◆ Task goal
Below are the records; copy each line in them that holds the word "second".

= = = = = = =

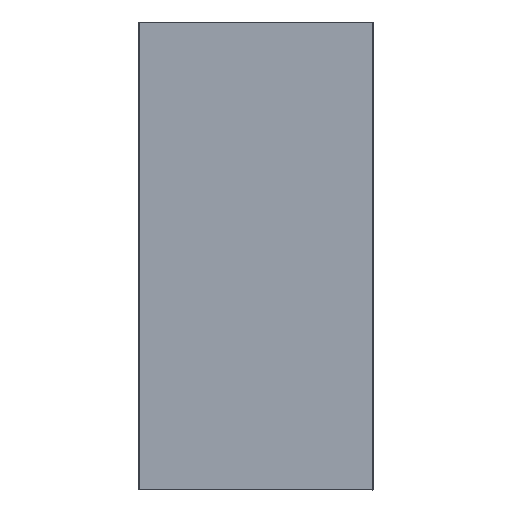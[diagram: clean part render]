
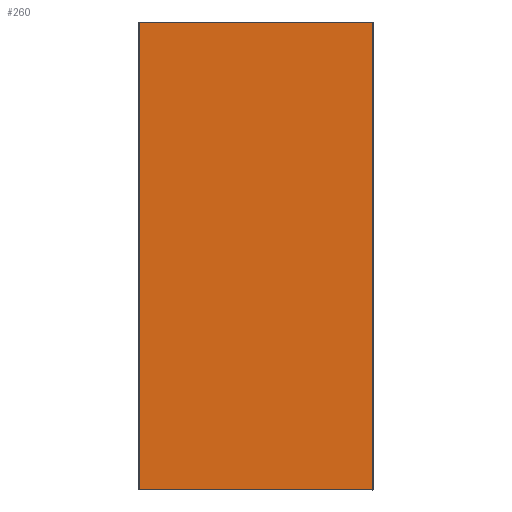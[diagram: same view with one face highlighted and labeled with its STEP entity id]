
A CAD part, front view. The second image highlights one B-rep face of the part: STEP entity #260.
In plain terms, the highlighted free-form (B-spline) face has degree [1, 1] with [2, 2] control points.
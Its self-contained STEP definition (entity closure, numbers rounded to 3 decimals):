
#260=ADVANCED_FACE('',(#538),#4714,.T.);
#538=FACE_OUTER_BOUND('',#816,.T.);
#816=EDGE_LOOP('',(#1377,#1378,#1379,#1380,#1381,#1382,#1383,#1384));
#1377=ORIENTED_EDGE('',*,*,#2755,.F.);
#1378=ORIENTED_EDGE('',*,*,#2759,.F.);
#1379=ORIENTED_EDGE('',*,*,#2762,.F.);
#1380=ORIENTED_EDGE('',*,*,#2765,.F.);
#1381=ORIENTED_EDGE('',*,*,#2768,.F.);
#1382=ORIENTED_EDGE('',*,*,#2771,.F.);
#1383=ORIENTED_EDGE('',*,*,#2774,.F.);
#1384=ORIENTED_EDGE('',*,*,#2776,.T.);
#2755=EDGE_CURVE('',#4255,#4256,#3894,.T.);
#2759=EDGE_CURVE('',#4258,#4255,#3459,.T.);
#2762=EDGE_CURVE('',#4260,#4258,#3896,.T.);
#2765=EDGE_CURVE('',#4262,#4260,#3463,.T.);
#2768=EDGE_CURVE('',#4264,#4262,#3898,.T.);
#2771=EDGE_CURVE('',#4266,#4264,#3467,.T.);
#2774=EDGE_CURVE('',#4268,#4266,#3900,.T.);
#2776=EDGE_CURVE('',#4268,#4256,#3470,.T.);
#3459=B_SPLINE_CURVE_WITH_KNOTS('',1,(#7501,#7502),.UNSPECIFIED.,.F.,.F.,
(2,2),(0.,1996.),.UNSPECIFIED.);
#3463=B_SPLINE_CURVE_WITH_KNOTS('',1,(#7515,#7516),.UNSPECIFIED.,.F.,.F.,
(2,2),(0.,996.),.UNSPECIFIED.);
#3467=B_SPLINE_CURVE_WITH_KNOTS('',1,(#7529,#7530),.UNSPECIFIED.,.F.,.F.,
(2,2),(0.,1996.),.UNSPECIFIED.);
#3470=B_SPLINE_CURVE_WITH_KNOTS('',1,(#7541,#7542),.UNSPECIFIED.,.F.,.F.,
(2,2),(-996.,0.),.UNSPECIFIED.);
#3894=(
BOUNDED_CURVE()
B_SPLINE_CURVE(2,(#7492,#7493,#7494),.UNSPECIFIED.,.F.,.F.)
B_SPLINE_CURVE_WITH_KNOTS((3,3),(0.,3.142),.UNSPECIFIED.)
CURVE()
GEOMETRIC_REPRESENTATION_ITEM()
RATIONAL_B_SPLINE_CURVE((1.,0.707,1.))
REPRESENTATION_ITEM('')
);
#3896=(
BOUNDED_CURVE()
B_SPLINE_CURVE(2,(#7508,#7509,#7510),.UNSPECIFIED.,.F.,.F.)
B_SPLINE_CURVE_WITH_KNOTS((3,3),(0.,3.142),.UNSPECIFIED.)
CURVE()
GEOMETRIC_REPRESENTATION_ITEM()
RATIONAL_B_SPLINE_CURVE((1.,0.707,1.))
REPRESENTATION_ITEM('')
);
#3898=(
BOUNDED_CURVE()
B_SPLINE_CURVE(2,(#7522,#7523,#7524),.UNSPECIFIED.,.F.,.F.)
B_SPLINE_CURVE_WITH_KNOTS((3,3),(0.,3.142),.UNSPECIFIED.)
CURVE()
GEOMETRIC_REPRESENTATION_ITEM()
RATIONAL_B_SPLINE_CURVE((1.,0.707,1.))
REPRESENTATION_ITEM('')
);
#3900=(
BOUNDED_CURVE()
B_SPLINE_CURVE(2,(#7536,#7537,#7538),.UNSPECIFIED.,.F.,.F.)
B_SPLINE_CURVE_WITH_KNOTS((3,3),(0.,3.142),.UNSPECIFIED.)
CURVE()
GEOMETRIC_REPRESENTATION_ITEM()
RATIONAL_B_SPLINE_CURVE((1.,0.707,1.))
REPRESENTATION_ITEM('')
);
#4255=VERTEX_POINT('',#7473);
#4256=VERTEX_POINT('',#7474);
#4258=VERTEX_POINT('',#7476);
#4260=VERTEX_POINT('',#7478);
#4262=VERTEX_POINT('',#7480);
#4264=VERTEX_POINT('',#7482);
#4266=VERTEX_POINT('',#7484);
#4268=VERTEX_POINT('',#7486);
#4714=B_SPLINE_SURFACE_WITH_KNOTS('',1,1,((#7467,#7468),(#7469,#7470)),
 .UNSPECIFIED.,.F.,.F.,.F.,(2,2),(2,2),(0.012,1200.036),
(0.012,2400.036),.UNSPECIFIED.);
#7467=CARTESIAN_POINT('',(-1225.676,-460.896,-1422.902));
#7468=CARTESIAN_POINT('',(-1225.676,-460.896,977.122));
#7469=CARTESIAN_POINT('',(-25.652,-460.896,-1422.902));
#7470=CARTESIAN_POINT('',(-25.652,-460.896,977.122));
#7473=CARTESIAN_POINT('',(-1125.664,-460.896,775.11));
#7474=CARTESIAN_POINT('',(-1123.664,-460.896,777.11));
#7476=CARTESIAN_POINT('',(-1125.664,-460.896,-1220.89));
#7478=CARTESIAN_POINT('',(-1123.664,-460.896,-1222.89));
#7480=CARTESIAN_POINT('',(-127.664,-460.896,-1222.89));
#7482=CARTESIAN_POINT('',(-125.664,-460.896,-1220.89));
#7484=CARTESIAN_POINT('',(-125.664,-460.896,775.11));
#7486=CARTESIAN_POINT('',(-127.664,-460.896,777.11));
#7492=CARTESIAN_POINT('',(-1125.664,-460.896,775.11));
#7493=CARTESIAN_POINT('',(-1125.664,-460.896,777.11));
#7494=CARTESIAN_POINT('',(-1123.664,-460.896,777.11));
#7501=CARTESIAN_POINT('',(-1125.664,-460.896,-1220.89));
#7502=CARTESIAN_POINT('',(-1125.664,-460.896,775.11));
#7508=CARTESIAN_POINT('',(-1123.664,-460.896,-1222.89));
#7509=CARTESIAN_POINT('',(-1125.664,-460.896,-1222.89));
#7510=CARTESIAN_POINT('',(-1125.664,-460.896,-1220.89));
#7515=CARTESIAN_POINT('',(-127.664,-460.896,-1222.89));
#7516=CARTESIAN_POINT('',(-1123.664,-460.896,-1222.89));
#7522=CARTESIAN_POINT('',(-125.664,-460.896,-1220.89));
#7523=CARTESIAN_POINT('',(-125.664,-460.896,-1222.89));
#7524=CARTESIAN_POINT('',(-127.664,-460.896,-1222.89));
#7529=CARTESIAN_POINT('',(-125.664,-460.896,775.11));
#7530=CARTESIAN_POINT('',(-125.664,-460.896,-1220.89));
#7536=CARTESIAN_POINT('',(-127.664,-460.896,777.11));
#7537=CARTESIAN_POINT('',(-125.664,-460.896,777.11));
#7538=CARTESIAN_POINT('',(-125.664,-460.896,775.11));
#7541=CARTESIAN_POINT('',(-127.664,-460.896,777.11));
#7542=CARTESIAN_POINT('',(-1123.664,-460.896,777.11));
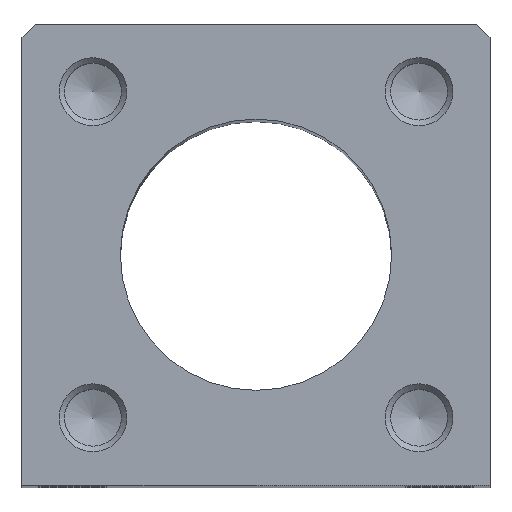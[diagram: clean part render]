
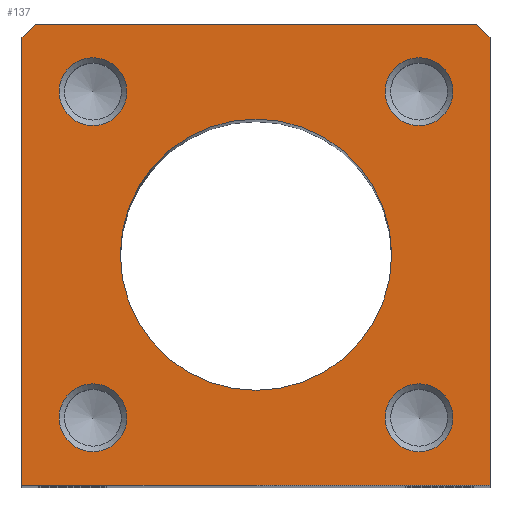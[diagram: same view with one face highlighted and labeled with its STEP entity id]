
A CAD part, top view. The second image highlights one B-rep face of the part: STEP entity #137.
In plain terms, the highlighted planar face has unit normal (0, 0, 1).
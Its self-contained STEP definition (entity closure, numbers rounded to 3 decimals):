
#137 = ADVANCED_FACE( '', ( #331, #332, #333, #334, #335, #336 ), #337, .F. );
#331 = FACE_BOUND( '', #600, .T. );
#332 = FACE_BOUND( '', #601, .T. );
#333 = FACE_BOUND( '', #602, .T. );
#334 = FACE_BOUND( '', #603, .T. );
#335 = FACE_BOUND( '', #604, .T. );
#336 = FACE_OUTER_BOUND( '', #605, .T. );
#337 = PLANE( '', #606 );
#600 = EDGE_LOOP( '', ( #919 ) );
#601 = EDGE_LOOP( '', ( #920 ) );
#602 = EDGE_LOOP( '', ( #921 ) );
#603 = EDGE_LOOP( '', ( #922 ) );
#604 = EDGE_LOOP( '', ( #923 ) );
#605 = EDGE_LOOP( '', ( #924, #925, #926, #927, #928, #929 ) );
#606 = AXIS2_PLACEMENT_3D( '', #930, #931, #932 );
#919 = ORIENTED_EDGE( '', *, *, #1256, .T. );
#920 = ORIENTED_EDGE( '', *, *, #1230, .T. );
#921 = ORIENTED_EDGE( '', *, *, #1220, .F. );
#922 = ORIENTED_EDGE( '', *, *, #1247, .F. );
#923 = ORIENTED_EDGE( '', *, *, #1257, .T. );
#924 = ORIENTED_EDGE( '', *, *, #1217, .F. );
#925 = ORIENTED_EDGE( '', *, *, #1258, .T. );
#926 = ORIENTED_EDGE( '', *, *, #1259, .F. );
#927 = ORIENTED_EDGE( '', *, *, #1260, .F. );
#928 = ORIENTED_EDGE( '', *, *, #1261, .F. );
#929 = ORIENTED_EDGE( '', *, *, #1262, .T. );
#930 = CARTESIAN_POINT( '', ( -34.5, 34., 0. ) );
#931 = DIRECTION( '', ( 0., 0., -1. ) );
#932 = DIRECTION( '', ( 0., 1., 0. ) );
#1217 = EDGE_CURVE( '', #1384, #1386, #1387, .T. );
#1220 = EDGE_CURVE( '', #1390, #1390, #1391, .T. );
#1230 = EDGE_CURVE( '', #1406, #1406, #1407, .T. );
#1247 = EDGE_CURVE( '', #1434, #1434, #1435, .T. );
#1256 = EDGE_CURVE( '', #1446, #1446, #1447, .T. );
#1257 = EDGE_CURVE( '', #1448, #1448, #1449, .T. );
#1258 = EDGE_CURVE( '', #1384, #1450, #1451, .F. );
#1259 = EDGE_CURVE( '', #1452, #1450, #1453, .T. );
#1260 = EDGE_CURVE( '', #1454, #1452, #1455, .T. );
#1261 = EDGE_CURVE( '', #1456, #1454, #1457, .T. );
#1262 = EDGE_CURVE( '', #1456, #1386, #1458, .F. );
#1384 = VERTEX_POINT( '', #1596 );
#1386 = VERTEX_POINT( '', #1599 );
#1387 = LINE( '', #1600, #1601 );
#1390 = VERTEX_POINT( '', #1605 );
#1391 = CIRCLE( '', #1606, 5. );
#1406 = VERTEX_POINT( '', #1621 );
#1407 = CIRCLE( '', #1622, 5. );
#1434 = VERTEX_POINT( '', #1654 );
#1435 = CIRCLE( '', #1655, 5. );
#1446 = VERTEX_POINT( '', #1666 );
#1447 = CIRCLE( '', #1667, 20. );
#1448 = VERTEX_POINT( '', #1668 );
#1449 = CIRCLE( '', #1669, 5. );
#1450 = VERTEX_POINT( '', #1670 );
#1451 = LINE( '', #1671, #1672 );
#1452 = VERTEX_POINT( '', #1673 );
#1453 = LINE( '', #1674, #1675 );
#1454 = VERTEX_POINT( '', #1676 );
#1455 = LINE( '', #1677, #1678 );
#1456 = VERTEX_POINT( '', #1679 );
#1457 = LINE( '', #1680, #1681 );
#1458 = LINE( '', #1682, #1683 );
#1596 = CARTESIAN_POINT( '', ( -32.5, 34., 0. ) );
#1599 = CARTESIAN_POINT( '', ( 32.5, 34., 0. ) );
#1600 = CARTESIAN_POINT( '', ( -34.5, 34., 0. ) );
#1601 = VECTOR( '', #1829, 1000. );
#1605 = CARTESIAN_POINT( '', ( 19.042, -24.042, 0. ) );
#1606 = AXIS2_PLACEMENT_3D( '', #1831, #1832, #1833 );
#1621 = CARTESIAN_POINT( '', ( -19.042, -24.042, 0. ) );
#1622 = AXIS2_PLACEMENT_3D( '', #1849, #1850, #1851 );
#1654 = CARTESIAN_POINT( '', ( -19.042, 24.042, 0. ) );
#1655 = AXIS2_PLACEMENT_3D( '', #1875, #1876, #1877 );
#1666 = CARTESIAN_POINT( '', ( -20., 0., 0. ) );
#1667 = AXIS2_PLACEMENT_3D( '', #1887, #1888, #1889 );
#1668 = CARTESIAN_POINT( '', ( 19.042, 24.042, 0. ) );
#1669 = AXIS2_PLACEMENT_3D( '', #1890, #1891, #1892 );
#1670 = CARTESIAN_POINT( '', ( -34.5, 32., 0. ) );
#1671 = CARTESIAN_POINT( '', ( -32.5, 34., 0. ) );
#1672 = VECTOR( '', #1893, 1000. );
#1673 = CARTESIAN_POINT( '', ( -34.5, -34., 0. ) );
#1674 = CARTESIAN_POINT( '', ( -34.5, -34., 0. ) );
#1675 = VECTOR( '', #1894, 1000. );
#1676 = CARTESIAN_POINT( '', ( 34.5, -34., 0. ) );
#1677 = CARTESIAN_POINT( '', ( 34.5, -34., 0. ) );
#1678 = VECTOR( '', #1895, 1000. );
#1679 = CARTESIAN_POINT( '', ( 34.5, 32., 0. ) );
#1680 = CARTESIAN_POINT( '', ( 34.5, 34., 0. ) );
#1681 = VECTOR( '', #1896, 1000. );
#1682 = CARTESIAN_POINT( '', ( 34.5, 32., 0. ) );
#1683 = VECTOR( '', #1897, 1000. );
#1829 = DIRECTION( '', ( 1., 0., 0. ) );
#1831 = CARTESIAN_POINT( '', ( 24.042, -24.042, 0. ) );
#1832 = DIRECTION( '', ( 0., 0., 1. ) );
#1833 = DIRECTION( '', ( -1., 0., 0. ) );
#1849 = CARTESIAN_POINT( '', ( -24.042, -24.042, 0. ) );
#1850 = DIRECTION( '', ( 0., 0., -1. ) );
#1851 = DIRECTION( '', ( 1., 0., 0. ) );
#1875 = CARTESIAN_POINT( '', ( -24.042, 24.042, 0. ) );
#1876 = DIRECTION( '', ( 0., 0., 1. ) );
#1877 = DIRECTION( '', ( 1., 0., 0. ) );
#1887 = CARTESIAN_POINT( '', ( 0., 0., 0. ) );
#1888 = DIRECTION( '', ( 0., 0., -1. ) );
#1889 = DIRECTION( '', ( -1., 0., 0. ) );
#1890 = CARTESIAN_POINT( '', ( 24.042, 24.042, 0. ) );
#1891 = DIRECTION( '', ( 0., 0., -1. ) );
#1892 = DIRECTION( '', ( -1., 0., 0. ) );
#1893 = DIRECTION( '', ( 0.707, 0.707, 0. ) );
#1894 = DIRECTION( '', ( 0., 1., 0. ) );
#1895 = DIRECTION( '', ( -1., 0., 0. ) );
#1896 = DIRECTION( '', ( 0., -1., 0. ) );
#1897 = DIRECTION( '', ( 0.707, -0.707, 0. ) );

= = = = = = =

◆ Written response
A CAD part, front view. The second image highlights one B-rep face of the part: STEP entity #260.
A CAD part, top view. The second image highlights one B-rep face of the part: STEP entity #137.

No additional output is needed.